- [The task]: Keep every word of the listing and reproduce it exactly, but set aside any image found there.

- [Recorded data]:
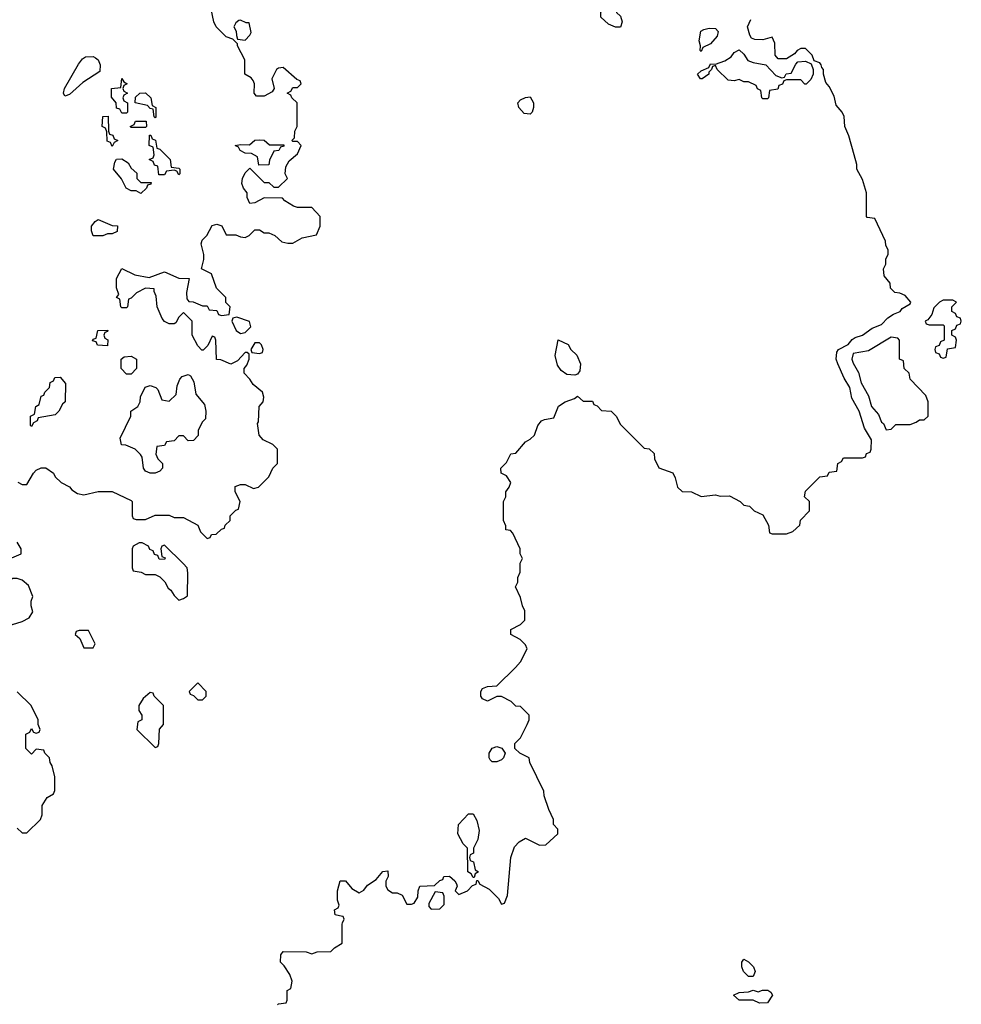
# Model space of a CAD drawing. Header units: inches. Extents: x 2348352 to 2479776, y 460422 to 613655.
# Tile 442 of 590: x 2408640 to 2412606, y 583432 to 587580. Entities that reach past the tile are written whole.
import ezdxf

# ---------------------------------------------------------------- set-up
doc = ezdxf.new("R2010")
doc.units = ezdxf.units.IN
doc.header["$MEASUREMENT"] = 0
doc.layers.add('C4508', color=7, linetype='Continuous')
doc.layers.add('C4518', color=7, linetype='Continuous')

msp = doc.modelspace()

# ---------------------------------------------------------------- linework, layer by layer
at = {"layer": 'C4508', "color": 4}
for points, elevation in [([(2408631.6, 585631.6), (2408650, 585622), (2408670, 585622), (2408698, 585670), (2408710, 585682), (2408730, 585692), (2408750, 585692), (2408782, 585670), (2408790, 585654), (2408814, 585630), (2408850, 585612), (2408859.6, 585599.6), (2408883.6, 585583.6), (2408910, 585578), (2408970, 585592), (2409030, 585592), (2409110, 585554), (2409114, 585550), (2409114, 585490), (2409118, 585478), (2409130, 585474), (2409170, 585474), (2409210, 585492), (2409270, 585492), (2409290, 585482), (2409330, 585482), (2409390.8, 585450.8), (2409402, 585422), (2409430, 585394), (2409442, 585398), (2409448.4, 585411.6), (2409467.3, 585412.7), (2409490, 585434), (2409502, 585438), (2409506, 585450), (2409526, 585470), (2409526, 585490), (2409550, 585514), (2409562, 585518), (2409568, 585550), (2409548, 585590), (2409547.3, 585612.7), (2409570, 585622), (2409590, 585622), (2409625.4, 585605.4), (2409646, 585610), (2409690, 585654), (2409706, 585690), (2409726, 585710), (2409726, 585770), (2409706, 585790), (2409666, 585810), (2409648, 585830), (2409642, 585878), (2409646, 585886), (2409648, 585950), (2409666, 585970), (2409668, 585990), (2409662, 586010), (2409623.1, 586043.1), (2409610, 586066), (2409586, 586090), (2409586, 586110), (2409596.4, 586123.6), (2409606, 586150), (2409606, 586170), (2409598, 586178), (2409590, 586178), (2409558, 586142), (2409530, 586128), (2409487.3, 586147.3), (2409468.4, 586148.4), (2409466, 586230), (2409462, 586242), (2409450, 586246), (2409432.7, 586207.3), (2409412.7, 586187.3), (2409407.3, 586187.3), (2409390, 586206), (2409366, 586250), (2409366, 586310), (2409330, 586346), (2409310, 586326), (2409298, 586302), (2409290, 586298), (2409270, 586298), (2409250, 586308.7), (2409240.2, 586320.2), (2409219, 586370), (2409214.6, 586414.6), (2409206, 586434), (2409206, 586446), (2409170, 586448), (2409131.6, 586428.4), (2409110, 586406), (2409098, 586402), (2409094, 586370), (2409090, 586366), (2409070, 586366), (2409066, 586370), (2409062, 586402), (2409048, 586410), (2409058, 586422), (2409048, 586450), (2409048, 586490), (2409070, 586532), (2409125.4, 586505.4), (2409186, 586494), (2409250, 586518), (2409310, 586491.3), (2409354, 586490), (2409342, 586430), (2409343.6, 586403.6), (2409352, 586392), (2409371.1, 586391.1), (2409410, 586374), (2409430, 586374), (2409438, 586358), (2409470, 586354), (2409478, 586338), (2409490, 586334), (2409522, 586338), (2409526, 586370), (2409508, 586388), (2409508, 586410), (2409468.7, 586448.7), (2409448.4, 586508.4), (2409406, 586530), (2409415.3, 586570), (2409415.3, 586590), (2409404.7, 586635.3), (2409409.1, 586650.9), (2409428.9, 586671.1), (2409450, 586712), (2409470, 586718), (2409491.6, 586711.6), (2409510, 586674), (2409550, 586674), (2409570, 586664.7), (2409590, 586662), (2409606, 586670), (2409630, 586694), (2409650, 586694), (2409670, 586682), (2409690, 586682), (2409714, 586670), (2409743.6, 586643.6), (2409770, 586638), (2409790, 586638), (2409830, 586661), (2409890, 586674), (2409906, 586710), (2409906, 586750), (2409870, 586788), (2409810, 586788.7), (2409793.6, 586793.6), (2409756.4, 586816.4), (2409747.3, 586827.3), (2409670, 586828.7), (2409630, 586808), (2409610, 586806), (2409598, 586830), (2409598, 586850), (2409582, 586870), (2409575.3, 586890), (2409578, 586910), (2409590, 586934), (2409610, 586954), (2409670, 586894), (2409690, 586894), (2409710, 586874), (2409730, 586874), (2409768, 586910), (2409758, 586930), (2409760.4, 586959.6), (2409775.3, 586984.7), (2409810, 587014), (2409826, 587050), (2409810, 587066), (2409790, 587066), (2409786, 587070), (2409798, 587082), (2409799, 587110), (2409809, 587130), (2409808, 587230), (2409786, 587250), (2409782, 587262), (2409766, 587270), (2409782, 587278), (2409790, 587294), (2409810, 587294), (2409826, 587310), (2409822, 587322), (2409807.3, 587327.3), (2409750, 587378), (2409730, 587375.3), (2409722, 587370), (2409702, 587330), (2409712, 587290), (2409703.6, 587276.4), (2409670, 587258), (2409638, 587258), (2409628, 587270), (2409628.7, 587310), (2409623.1, 587323.1), (2409614.6, 587334.6), (2409588, 587350), (2409588, 587410), (2409558, 587470), (2409558, 587478), (2409538, 587498), (2409510, 587508), (2409468, 587550), (2409458, 587570), (2409430, 587706)], 88), ([(2408607.3, 585312.7), (2408646, 585330), (2408646, 585350), (2408630, 585378)], 88), ([(2408630, 584174), (2408650, 584154), (2408670, 584154), (2408728, 584210), (2408735.3, 584230), (2408735.3, 584270), (2408756.4, 584303.6), (2408782, 584318), (2408787.3, 584332.7), (2408788, 584390), (2408776.4, 584436.4), (2408768, 584450), (2408766, 584470), (2408746, 584490), (2408742, 584502), (2408710, 584506), (2408690, 584486), (2408666, 584510), (2408666, 584570), (2408682, 584578), (2408690, 584594), (2408698, 584578), (2408710, 584574), (2408722, 584578), (2408726, 584590), (2408718, 584610), (2408718, 584630), (2408688, 584690), (2408630, 584748)], 88), ([(2410000, 583802.4), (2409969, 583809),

- [Exercise solution]:
# Model space of a CAD drawing. Header units: inches. Extents: x 2348352 to 2479776, y 460422 to 613655.
# Tile 442 of 590: x 2408640 to 2412606, y 583432 to 587580. Entities that reach past the tile are written whole.
import ezdxf

# ---------------------------------------------------------------- set-up
doc = ezdxf.new("R2010")
doc.units = ezdxf.units.IN
doc.header["$MEASUREMENT"] = 0
doc.layers.add('C4508', color=7, linetype='Continuous')
doc.layers.add('C4518', color=7, linetype='Continuous')

msp = doc.modelspace()

# ---------------------------------------------------------------- linework, layer by layer
at = {"layer": 'C4508', "color": 4}
for points, elevation in [([(2408631.6, 585631.6), (2408650, 585622), (2408670, 585622), (2408698, 585670), (2408710, 585682), (2408730, 585692), (2408750, 585692), (2408782, 585670), (2408790, 585654), (2408814, 585630), (2408850, 585612), (2408859.6, 585599.6), (2408883.6, 585583.6), (2408910, 585578), (2408970, 585592), (2409030, 585592), (2409110, 585554), (2409114, 585550), (2409114, 585490), (2409118, 585478), (2409130, 585474), (2409170, 585474), (2409210, 585492), (2409270, 585492), (2409290, 585482), (2409330, 585482), (2409390.8, 585450.8), (2409402, 585422), (2409430, 585394), (2409442, 585398), (2409448.4, 585411.6), (2409467.3, 585412.7), (2409490, 585434), (2409502, 585438), (2409506, 585450), (2409526, 585470), (2409526, 585490), (2409550, 585514), (2409562, 585518), (2409568, 585550), (2409548, 585590), (2409547.3, 585612.7), (2409570, 585622), (2409590, 585622), (2409625.4, 585605.4), (2409646, 585610), (2409690, 585654), (2409706, 585690), (2409726, 585710), (2409726, 585770), (2409706, 585790), (2409666, 585810), (2409648, 585830), (2409642, 585878), (2409646, 585886), (2409648, 585950), (2409666, 585970), (2409668, 585990), (2409662, 586010), (2409623.1, 586043.1), (2409610, 586066), (2409586, 586090), (2409586, 586110), (2409596.4, 586123.6), (2409606, 586150), (2409606, 586170), (2409598, 586178), (2409590, 586178), (2409558, 586142), (2409530, 586128), (2409487.3, 586147.3), (2409468.4, 586148.4), (2409466, 586230), (2409462, 586242), (2409450, 586246), (2409432.7, 586207.3), (2409412.7, 586187.3), (2409407.3, 586187.3), (2409390, 586206), (2409366, 586250), (2409366, 586310), (2409330, 586346), (2409310, 586326), (2409298, 586302), (2409290, 586298), (2409270, 586298), (2409250, 586308.7), (2409240.2, 586320.2), (2409219, 586370), (2409214.6, 586414.6), (2409206, 586434), (2409206, 586446), (2409170, 586448), (2409131.6, 586428.4), (2409110, 586406), (2409098, 586402), (2409094, 586370), (2409090, 586366), (2409070, 586366), (2409066, 586370), (2409062, 586402), (2409048, 586410), (2409058, 586422), (2409048, 586450), (2409048, 586490), (2409070, 586532), (2409125.4, 586505.4), (2409186, 586494), (2409250, 586518), (2409310, 586491.3), (2409354, 586490), (2409342, 586430), (2409343.6, 586403.6), (2409352, 586392), (2409371.1, 586391.1), (2409410, 586374), (2409430, 586374), (2409438, 586358), (2409470, 586354), (2409478, 586338), (2409490, 586334), (2409522, 586338), (2409526, 586370), (2409508, 586388), (2409508, 586410), (2409468.7, 586448.7), (2409448.4, 586508.4), (2409406, 586530), (2409415.3, 586570), (2409415.3, 586590), (2409404.7, 586635.3), (2409409.1, 586650.9), (2409428.9, 586671.1), (2409450, 586712), (2409470, 586718), (2409491.6, 586711.6), (2409510, 586674), (2409550, 586674), (2409570, 586664.7), (2409590, 586662), (2409606, 586670), (2409630, 586694), (2409650, 586694), (2409670, 586682), (2409690, 586682), (2409714, 586670), (2409743.6, 586643.6), (2409770, 586638), (2409790, 586638), (2409830, 586661), (2409890, 586674), (2409906, 586710), (2409906, 586750), (2409870, 586788), (2409810, 586788.7), (2409793.6, 586793.6), (2409756.4, 586816.4), (2409747.3, 586827.3), (2409670, 586828.7), (2409630, 586808), (2409610, 586806), (2409598, 586830), (2409598, 586850), (2409582, 586870), (2409575.3, 586890), (2409578, 586910), (2409590, 586934), (2409610, 586954), (2409670, 586894), (2409690, 586894), (2409710, 586874), (2409730, 586874), (2409768, 586910), (2409758, 586930), (2409760.4, 586959.6), (2409775.3, 586984.7), (2409810, 587014), (2409826, 587050), (2409810, 587066), (2409790, 587066), (2409786, 587070), (2409798, 587082), (2409799, 587110), (2409809, 587130), (2409808, 587230), (2409786, 587250), (2409782, 587262), (2409766, 587270), (2409782, 587278), (2409790, 587294), (2409810, 587294), (2409826, 587310), (2409822, 587322), (2409807.3, 587327.3), (2409750, 587378), (2409730, 587375.3), (2409722, 587370), (2409702, 587330), (2409712, 587290), (2409703.6, 587276.4), (2409670, 587258), (2409638, 587258), (2409628, 587270), (2409628.7, 587310), (2409623.1, 587323.1), (2409614.6, 587334.6), (2409588, 587350), (2409588, 587410), (2409558, 587470), (2409558, 587478), (2409538, 587498), (2409510, 587508), (2409468, 587550), (2409458, 587570), (2409430, 587706)], 88), ([(2408607.3, 585312.7), (2408646, 585330), (2408646, 585350), (2408630, 585378)], 88), ([(2408630, 584174), (2408650, 584154), (2408670, 584154), (2408728, 584210), (2408735.3, 584230), (2408735.3, 584270), (2408756.4, 584303.6), (2408782, 584318), (2408787.3, 584332.7), (2408788, 584390), (2408776.4, 584436.4), (2408768, 584450), (2408766, 584470), (2408746, 584490), (2408742, 584502), (2408710, 584506), (2408690, 584486), (2408666, 584510), (2408666, 584570), (2408682, 584578), (2408690, 584594), (2408698, 584578), (2408710, 584574), (2408722, 584578), (2408726, 584590), (2408718, 584610), (2408718, 584630), (2408688, 584690), (2408630, 584748)], 88), ([(2410000, 583802.4), (2409969, 583809),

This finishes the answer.